Making multi-vector retrieval as fast as single-vector search

June 25, 2025

Neural embedding models have become a cornerstone of modern information retrieval (IR). Given a query from a user (e.g., “How tall is Mt Everest?”), the goal of IR is to find information relevant to the query from a very large collection of data (e.g., the billions of documents, images, or videos on the Web). Embedding models transform each datapoint into a single-vector “embedding”, such that semantically similar datapoints are transformed into mathematically similar vectors. The embeddings are generally compared via the inner-product similarity, enabling efficient retrieval through optimized maximum inner product search (MIPS) algorithms. However, recent advances, particularly the introduction of multi-vector models like ColBERT, have demonstrated significantly improved performance in IR tasks.

Unlike single-vector embeddings, multi-vector models represent each data point with a set of embeddings, and leverage more sophisticated similarity functions that can capture richer relationships between datapoints. For example, the popular Chamfer similarity measure used in state-of-the-art multi-vector models captures when the information in one multi-vector embedding is contained within another multi-vector embedding. While this multi-vector approach boosts accuracy and enables retrieving more relevant documents, it introduces substantial computational challenges. In particular, the increased number of embeddings and the complexity of multi-vector similarity scoring make retrieval significantly more expensive.

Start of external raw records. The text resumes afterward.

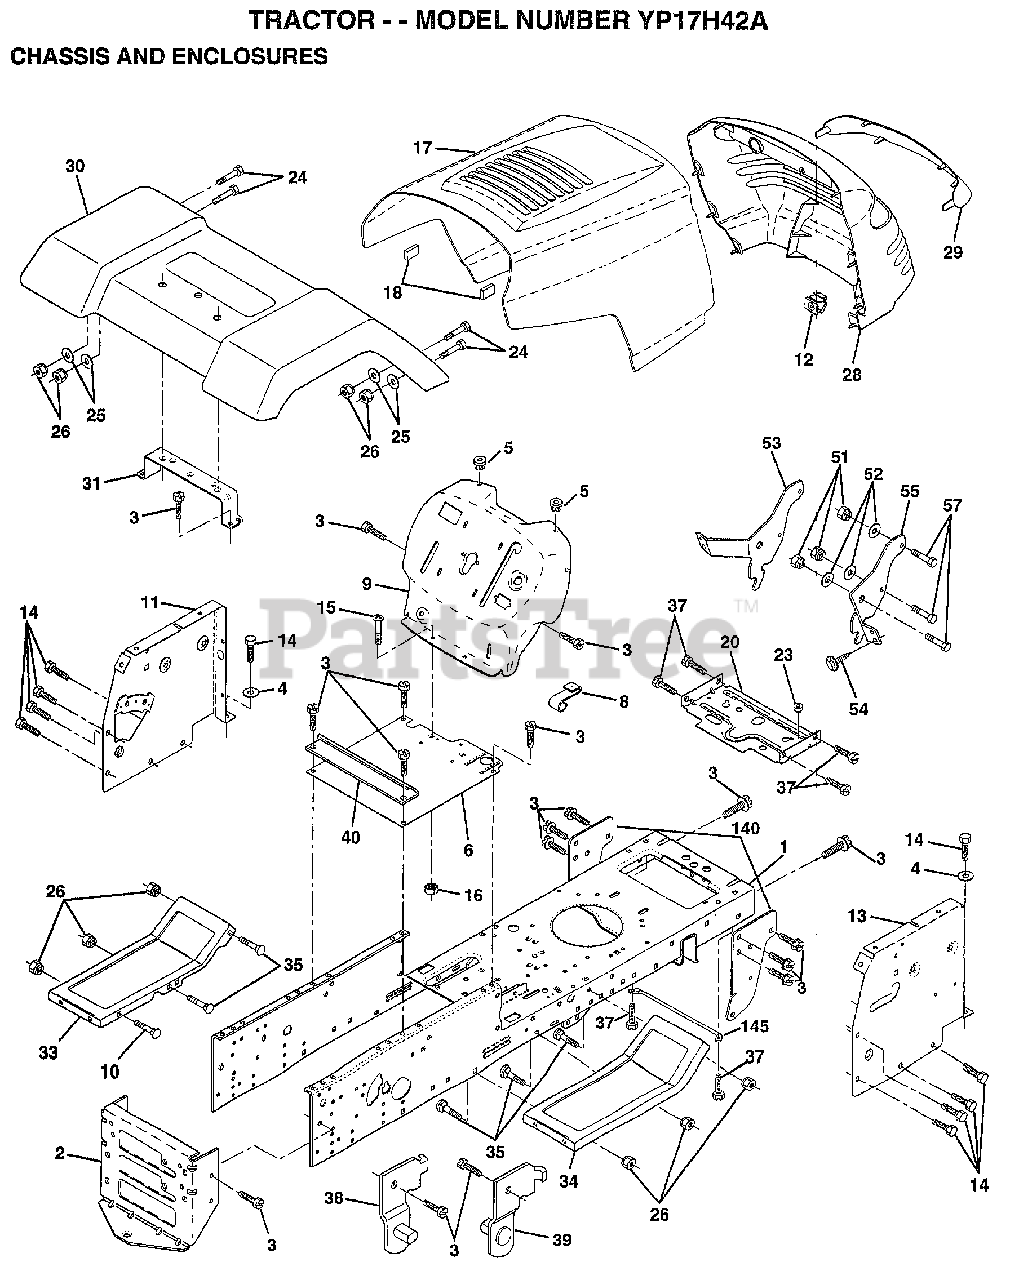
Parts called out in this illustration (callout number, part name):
1	CHASSIS.STAMPING
3	SCREW
4	WASHER
5	BUMPER-HOOD/DASH
6	SADDLE
8	CLIP.RETAINER
9	DASH.SILKSCREEN
11	"PANEL-DASH,LH"
12	CLIP.TINNERMAN
13	PANEL.ASM.DASH.RH
14	SCREW
17	"HOOD W/TRIM,MS428"
20	"PLATE-MTG,BATT/FU"
24	BOLT
25	WASHER
26	NUT
28	GRILL
29	GRILLE.LENS
30	FENDER.LTST.WLDMNT.W/SHIFT
31	BRACKET SUPT FEND
33	FOOTREST PNT LH
34	FOOTREST.RH.LT/GT
35	BOLT
37	SCREW LT
38	BRACKET ASM LH
39	BRACKET ASM RH
40	SPACER FENDER LT
51	NUT
52	WASHER
53	BRACKET.GRILLE.LH
54	SCREW.HEX.WS.HD
55	BRACKET.GRILLE.RH
140	BRKT SUSPENSION
145	"ROD POVOT,CHASSIS"

In “MUVERA: Multi-Vector Retrieval via Fixed Dimensional Encodings”, we introduce a novel multi-vector retrieval algorithm designed to bridge the efficiency gap between single- and multi-vector retrieval. We transform multi-vector retrieval into a simpler problem by constructing fixed dimensional encodings (FDEs) of queries and documents, which are single vectors whose inner product approximates multi-vector similarity, thus reducing complex multi-vector retrieval back to single-vector maximum inner product search (MIPS). This new approach allows us to leverage the highly-optimized MIPS algorithms to retrieve an initial set of candidates that can then be re-ranked with the exact multi-vector similarity, thereby enabling efficient multi-vector retrieval without sacrificing accuracy. We have provided an open-source implementation of our FDE construction algorithm on GitHub.